▶ _PROBLEM DESCRIPTION_: Exactly as written, output the lines below starting from the first and ending with the line that contains "#1659 = EDGE_CURVE"; omit pictures.

**** DATASET EXCERPTS ****

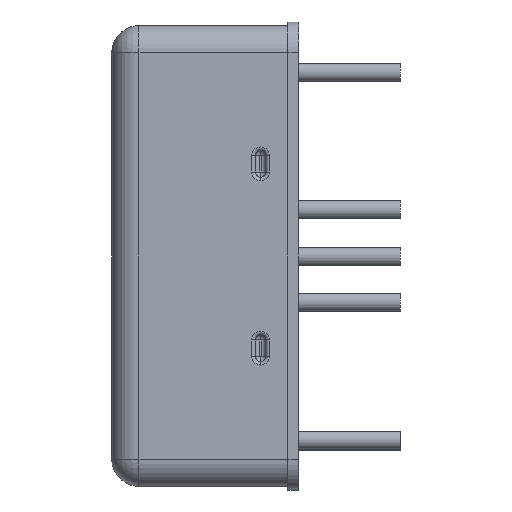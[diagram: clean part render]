
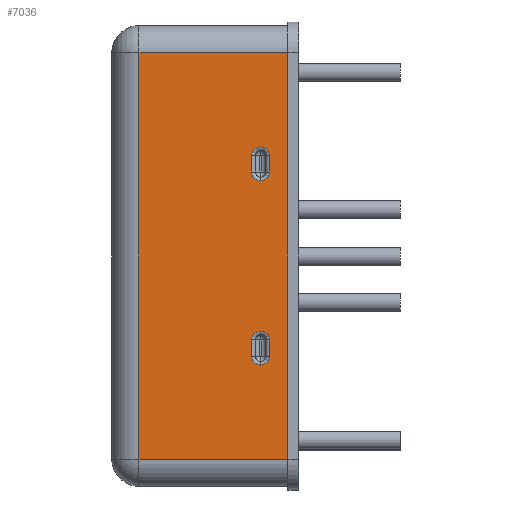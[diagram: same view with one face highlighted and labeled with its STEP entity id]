
A CAD part, left-side view. The second image highlights one B-rep face of the part: STEP entity #7036.
In plain terms, the highlighted planar face has unit normal (-1, 0, 0).
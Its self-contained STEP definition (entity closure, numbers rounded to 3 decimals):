
#24 = CARTESIAN_POINT ( 'NONE',  ( -25.4, 0., -11.2 ) ) ;
#64 = EDGE_LOOP ( 'NONE', ( #1549, #9261, #7565, #5865, #6897 ) ) ;
#224 = DIRECTION ( 'NONE',  ( 0., 1., 0. ) ) ;
#314 = EDGE_LOOP ( 'NONE', ( #6025, #593, #2616, #9156 ) ) ;
#378 = PLANE ( 'NONE',  #3668 ) ;
#430 = FACE_BOUND ( 'NONE', #9534, .T. ) ;
#456 = CARTESIAN_POINT ( 'NONE',  ( -25.4, 1.017, -12.7 ) ) ;
#582 = CARTESIAN_POINT ( 'NONE',  ( -25.4, 1.017, 4.63 ) ) ;
#593 = ORIENTED_EDGE ( 'NONE', *, *, #9270, .T. ) ;
#594 = EDGE_CURVE ( 'NONE', #9834, #9713, #4703, .T. ) ;
#652 = DIRECTION ( 'NONE',  ( 0., 0., -1. ) ) ;
#741 = CARTESIAN_POINT ( 'NONE',  ( -25.4, 1.017, -5.53 ) ) ;
#996 = DIRECTION ( 'NONE',  ( 1., 0., 0. ) ) ;
#1176 = VERTEX_POINT ( 'NONE', #7024 ) ;
#1400 = CARTESIAN_POINT ( 'NONE',  ( -25.4, 1.017, -4.63 ) ) ;
#1531 = CARTESIAN_POINT ( 'NONE',  ( -25.4, 1.983, -12.7 ) ) ;
#1549 = ORIENTED_EDGE ( 'NONE', *, *, #594, .T. ) ;
#1659 = EDGE_CURVE ( 'NONE', #8283, #5232, #6386, .T. ) ;
#1801 = AXIS2_PLACEMENT_3D ( 'NONE', #9114, #996, #8174 ) ;
#1971 = CARTESIAN_POINT ( 'NONE',  ( -25.4, 1.5, -5.53 ) ) ;
#2001 = FACE_OUTER_BOUND ( 'NONE', #314, .T. ) ;
#2067 = EDGE_CURVE ( 'NONE', #9713, #5940, #2389, .T. ) ;
#2111 = ORIENTED_EDGE ( 'NONE', *, *, #10625, .T. ) ;
#2194 = VERTEX_POINT ( 'NONE', #10707 ) ;
#2203 = AXIS2_PLACEMENT_3D ( 'NONE', #9151, #8200, #3695 ) ;
#2212 = VERTEX_POINT ( 'NONE', #10662 ) ;
#2248 = DIRECTION ( 'NONE',  ( 0., 0., -1. ) ) ;
#2389 = CIRCLE ( 'NONE', #9276, 0.483 ) ;
#2449 = VECTOR ( 'NONE', #3631, 1000. ) ;
#2470 = CARTESIAN_POINT ( 'NONE',  ( -25.4, 1.5, 4.147 ) ) ;
#2576 = VECTOR ( 'NONE', #8825, 1000. ) ;
#2616 = ORIENTED_EDGE ( 'NONE', *, *, #7068, .T. ) ;
#2629 = EDGE_CURVE ( 'NONE', #4391, #9834, #4944, .T. ) ;
#2833 = VECTOR ( 'NONE', #5860, 1000. ) ;
#2906 = VERTEX_POINT ( 'NONE', #4509 ) ;
#3413 = AXIS2_PLACEMENT_3D ( 'NONE', #10766, #11667, #652 ) ;
#3425 = VERTEX_POINT ( 'NONE', #24 ) ;
#3631 = DIRECTION ( 'NONE',  ( 0., -1., 0. ) ) ;
#3668 = AXIS2_PLACEMENT_3D ( 'NONE', #11208, #7769, #2248 ) ;
#3695 = DIRECTION ( 'NONE',  ( 0., 0., -1. ) ) ;
#3833 = VERTEX_POINT ( 'NONE', #5631 ) ;
#3842 = FACE_BOUND ( 'NONE', #64, .T. ) ;
#3916 = DIRECTION ( 'NONE',  ( 0., 0., -1. ) ) ;
#4076 = ORIENTED_EDGE ( 'NONE', *, *, #1659, .T. ) ;
#4161 = EDGE_CURVE ( 'NONE', #1176, #8283, #11727, .T. ) ;
#4391 = VERTEX_POINT ( 'NONE', #6222 ) ;
#4427 = DIRECTION ( 'NONE',  ( 0., 0., -1. ) ) ;
#4505 = VERTEX_POINT ( 'NONE', #11070 ) ;
#4509 = CARTESIAN_POINT ( 'NONE',  ( -25.4, 1.5, -6.013 ) ) ;
#4597 = DIRECTION ( 'NONE',  ( 0., 0., -1. ) ) ;
#4703 = CIRCLE ( 'NONE', #7757, 0.483 ) ;
#4804 = DIRECTION ( 'NONE',  ( 0., 0., 1. ) ) ;
#4910 = DIRECTION ( 'NONE',  ( 0., 0., 1. ) ) ;
#4933 = ORIENTED_EDGE ( 'NONE', *, *, #9483, .T. ) ;
#4944 = LINE ( 'NONE', #456, #10471 ) ;
#4945 = CARTESIAN_POINT ( 'NONE',  ( -25.4, 0., -12.7 ) ) ;
#5011 = LINE ( 'NONE', #1531, #2576 ) ;
#5218 = EDGE_CURVE ( 'NONE', #3833, #2212, #10288, .T. ) ;
#5232 = VERTEX_POINT ( 'NONE', #741 ) ;
#5331 = EDGE_CURVE ( 'NONE', #2194, #4391, #6874, .T. ) ;
#5388 = LINE ( 'NONE', #6565, #10498 ) ;
#5631 = CARTESIAN_POINT ( 'NONE',  ( -25.4, 8.2, 11.2 ) ) ;
#5860 = DIRECTION ( 'NONE',  ( 0., 0., -1. ) ) ;
#5865 = ORIENTED_EDGE ( 'NONE', *, *, #5331, .T. ) ;
#5940 = VERTEX_POINT ( 'NONE', #10765 ) ;
#6025 = ORIENTED_EDGE ( 'NONE', *, *, #5218, .T. ) ;
#6042 = CARTESIAN_POINT ( 'NONE',  ( -25.4, 1.5, 4.63 ) ) ;
#6119 = CIRCLE ( 'NONE', #7696, 0.483 ) ;
#6222 = CARTESIAN_POINT ( 'NONE',  ( -25.4, 1.017, 5.53 ) ) ;
#6310 = ORIENTED_EDGE ( 'NONE', *, *, #4161, .T. ) ;
#6346 = CARTESIAN_POINT ( 'NONE',  ( -25.4, 1.5, 4.63 ) ) ;
#6386 = LINE ( 'NONE', #11294, #2833 ) ;
#6472 = DIRECTION ( 'NONE',  ( 1., 0., 0. ) ) ;
#6565 = CARTESIAN_POINT ( 'NONE',  ( -25.4, 9.7, 11.2 ) ) ;
#6577 = DIRECTION ( 'NONE',  ( 1., 0., 0. ) ) ;
#6849 = EDGE_CURVE ( 'NONE', #5232, #2906, #6119, .T. ) ;
#6874 = CIRCLE ( 'NONE', #1801, 0.483 ) ;
#6897 = ORIENTED_EDGE ( 'NONE', *, *, #2629, .T. ) ;
#7024 = CARTESIAN_POINT ( 'NONE',  ( -25.4, 1.983, -4.63 ) ) ;
#7036 = ADVANCED_FACE ( 'NONE', ( #3842, #430, #2001 ), #378, .F. ) ;
#7068 = EDGE_CURVE ( 'NONE', #3425, #4505, #9797, .T. ) ;
#7079 = CARTESIAN_POINT ( 'NONE',  ( -25.4, 8.2, -12.7 ) ) ;
#7541 = VERTEX_POINT ( 'NONE', #10336 ) ;
#7565 = ORIENTED_EDGE ( 'NONE', *, *, #9629, .T. ) ;
#7696 = AXIS2_PLACEMENT_3D ( 'NONE', #1971, #6577, #3916 ) ;
#7757 = AXIS2_PLACEMENT_3D ( 'NONE', #6042, #9641, #8700 ) ;
#7769 = DIRECTION ( 'NONE',  ( 1., 0., 0. ) ) ;
#8114 = CIRCLE ( 'NONE', #2203, 0.483 ) ;
#8174 = DIRECTION ( 'NONE',  ( 0., 0., -1. ) ) ;
#8200 = DIRECTION ( 'NONE',  ( 1., 0., 0. ) ) ;
#8283 = VERTEX_POINT ( 'NONE', #1400 ) ;
#8499 = DIRECTION ( 'NONE',  ( 0., 0., -1. ) ) ;
#8571 = LINE ( 'NONE', #9073, #2449 ) ;
#8700 = DIRECTION ( 'NONE',  ( 0., 0., -1. ) ) ;
#8825 = DIRECTION ( 'NONE',  ( 0., 0., 1. ) ) ;
#9006 = VECTOR ( 'NONE', #4427, 1000. ) ;
#9073 = CARTESIAN_POINT ( 'NONE',  ( -25.4, 9.7, -11.2 ) ) ;
#9114 = CARTESIAN_POINT ( 'NONE',  ( -25.4, 1.5, 5.53 ) ) ;
#9151 = CARTESIAN_POINT ( 'NONE',  ( -25.4, 1.5, -5.53 ) ) ;
#9156 = ORIENTED_EDGE ( 'NONE', *, *, #11745, .T. ) ;
#9261 = ORIENTED_EDGE ( 'NONE', *, *, #2067, .T. ) ;
#9270 = EDGE_CURVE ( 'NONE', #2212, #3425, #8571, .T. ) ;
#9276 = AXIS2_PLACEMENT_3D ( 'NONE', #6346, #6472, #4597 ) ;
#9483 = EDGE_CURVE ( 'NONE', #7541, #1176, #10828, .T. ) ;
#9534 = EDGE_LOOP ( 'NONE', ( #4933, #6310, #4076, #9939, #2111 ) ) ;
#9629 = EDGE_CURVE ( 'NONE', #5940, #2194, #5011, .T. ) ;
#9641 = DIRECTION ( 'NONE',  ( 1., 0., 0. ) ) ;
#9713 = VERTEX_POINT ( 'NONE', #2470 ) ;
#9797 = LINE ( 'NONE', #4945, #10092 ) ;
#9834 = VERTEX_POINT ( 'NONE', #582 ) ;
#9939 = ORIENTED_EDGE ( 'NONE', *, *, #6849, .T. ) ;
#10092 = VECTOR ( 'NONE', #4910, 1000. ) ;
#10288 = LINE ( 'NONE', #7079, #9006 ) ;
#10336 = CARTESIAN_POINT ( 'NONE',  ( -25.4, 1.983, -5.53 ) ) ;
#10471 = VECTOR ( 'NONE', #8499, 1000. ) ;
#10498 = VECTOR ( 'NONE', #224, 1000. ) ;
#10544 = VECTOR ( 'NONE', #4804, 1000. ) ;
#10625 = EDGE_CURVE ( 'NONE', #2906, #7541, #8114, .T. ) ;
#10662 = CARTESIAN_POINT ( 'NONE',  ( -25.4, 8.2, -11.2 ) ) ;
#10707 = CARTESIAN_POINT ( 'NONE',  ( -25.4, 1.983, 5.53 ) ) ;
#10765 = CARTESIAN_POINT ( 'NONE',  ( -25.4, 1.983, 4.63 ) ) ;
#10766 = CARTESIAN_POINT ( 'NONE',  ( -25.4, 1.5, -4.63 ) ) ;
#10828 = LINE ( 'NONE', #11214, #10544 ) ;
#11070 = CARTESIAN_POINT ( 'NONE',  ( -25.4, 0., 11.2 ) ) ;
#11208 = CARTESIAN_POINT ( 'NONE',  ( -25.4, 9.7, -12.7 ) ) ;
#11214 = CARTESIAN_POINT ( 'NONE',  ( -25.4, 1.983, -12.7 ) ) ;
#11294 = CARTESIAN_POINT ( 'NONE',  ( -25.4, 1.017, -12.7 ) ) ;
#11667 = DIRECTION ( 'NONE',  ( 1., 0., 0. ) ) ;
#11727 = CIRCLE ( 'NONE', #3413, 0.483 ) ;
#11745 = EDGE_CURVE ( 'NONE', #4505, #3833, #5388, .T. ) ;
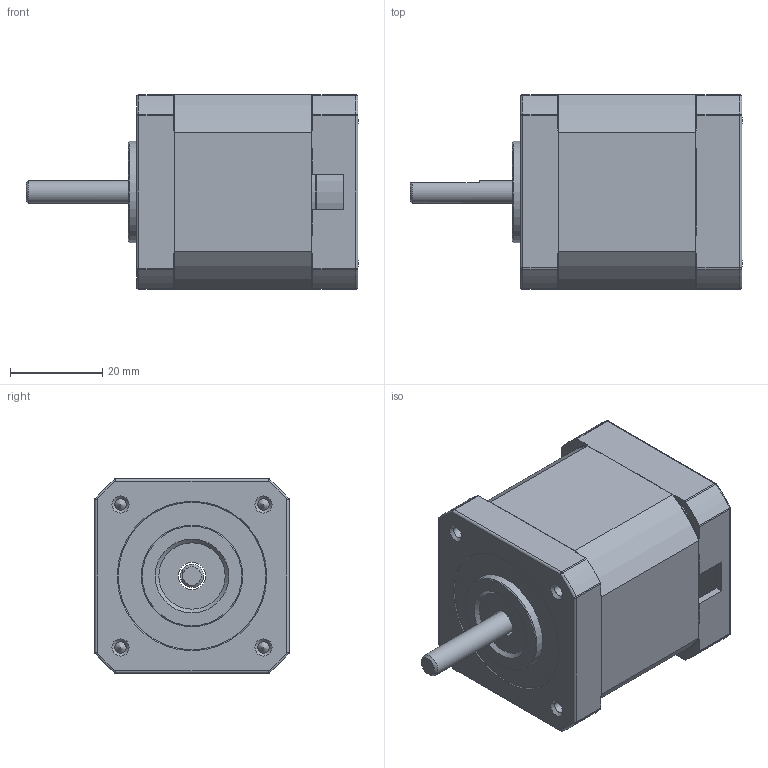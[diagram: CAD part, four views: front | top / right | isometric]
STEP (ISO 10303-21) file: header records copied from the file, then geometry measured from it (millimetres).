
FILE_DESCRIPTION (( 'STEP AP203' ), '1' );
FILE_NAME ('YK42HB47-02A.STEP', '2018-09-26T06:36:30', ( '' ), ( '' ), 'SwSTEP 2.0', 'SolidWorks 2014', '' );
FILE_SCHEMA (( 'CONFIG_CONTROL_DESIGN' ));
Length unit declared in the file: millimetre
Products named in the file (14): YK42HBXX-02粣郋; 蹟隊; YK42HBXX-02A前盖; YK42HBXX-02A綴裔; YK42HB47-02A; YK42HBXX-02A隅赽
Assembly tree (8 placements, depth 2):
  蹟隊
  YK42HBXX-02粣郋
  蹟隊
  蹟隊
  YK42HBXX-02A綴裔
Bounding box: 72 x 42.2 x 42.2 mm (x, y, z)
Volume: 53128.4 mm3; surface area: 27051.2 mm2
Topology: 4 solids, 12 shells, 468 faces, 1260 edges, 758 vertices
Faces by surface type: cylinder 225, plane 124, cone 73, sphere 32, torus 10, bspline 4
Full cylindrical faces by diameter (mm): 2.5 x4, 3 x108, 3.3 x8, 5 x1, 6 x1, 6.5 x1, 13 x2, 16 x2, 22 x1, 25.91 x3, 26.3 x1, 27 x1
Entity records: 9383 total; most frequent: CARTESIAN_POINT 2015, DIRECTION 1386, ORIENTED_EDGE 1132, EDGE_CURVE 570, AXIS2_PLACEMENT_3D 558, VERTEX_POINT 367, EDGE_LOOP 347, FACE_OUTER_BOUND 293

****

▶ _YOUR RESPONSE_:
[diagram: clean part render]
[diagram: same view with one face highlighted and labeled with its STEP entity id]
A CAD part, left-side view. The second image highlights one B-rep face of the part: STEP entity #7036.
In plain terms, the highlighted planar face has unit normal (-1, 0, 0).
Its self-contained STEP definition (entity closure, numbers rounded to 3 decimals):
#24 = CARTESIAN_POINT ( 'NONE',  ( -25.4, 0., -11.2 ) ) ;
#64 = EDGE_LOOP ( 'NONE', ( #1549, #9261, #7565, #5865, #6897 ) ) ;
#224 = DIRECTION ( 'NONE',  ( 0., 1., 0. ) ) ;
#314 = EDGE_LOOP ( 'NONE', ( #6025, #593, #2616, #9156 ) ) ;
#378 = PLANE ( 'NONE',  #3668 ) ;
#430 = FACE_BOUND ( 'NONE', #9534, .T. ) ;
#456 = CARTESIAN_POINT ( 'NONE',  ( -25.4, 1.017, -12.7 ) ) ;
#582 = CARTESIAN_POINT ( 'NONE',  ( -25.4, 1.017, 4.63 ) ) ;
#593 = ORIENTED_EDGE ( 'NONE', *, *, #9270, .T. ) ;
#594 = EDGE_CURVE ( 'NONE', #9834, #9713, #4703, .T. ) ;
#652 = DIRECTION ( 'NONE',  ( 0., 0., -1. ) ) ;
#741 = CARTESIAN_POINT ( 'NONE',  ( -25.4, 1.017, -5.53 ) ) ;
#996 = DIRECTION ( 'NONE',  ( 1., 0., 0. ) ) ;
#1176 = VERTEX_POINT ( 'NONE', #7024 ) ;
#1400 = CARTESIAN_POINT ( 'NONE',  ( -25.4, 1.017, -4.63 ) ) ;
#1531 = CARTESIAN_POINT ( 'NONE',  ( -25.4, 1.983, -12.7 ) ) ;
#1549 = ORIENTED_EDGE ( 'NONE', *, *, #594, .T. ) ;
#1659 = EDGE_CURVE ( 'NONE', #8283, #5232, #6386, .T. ) ;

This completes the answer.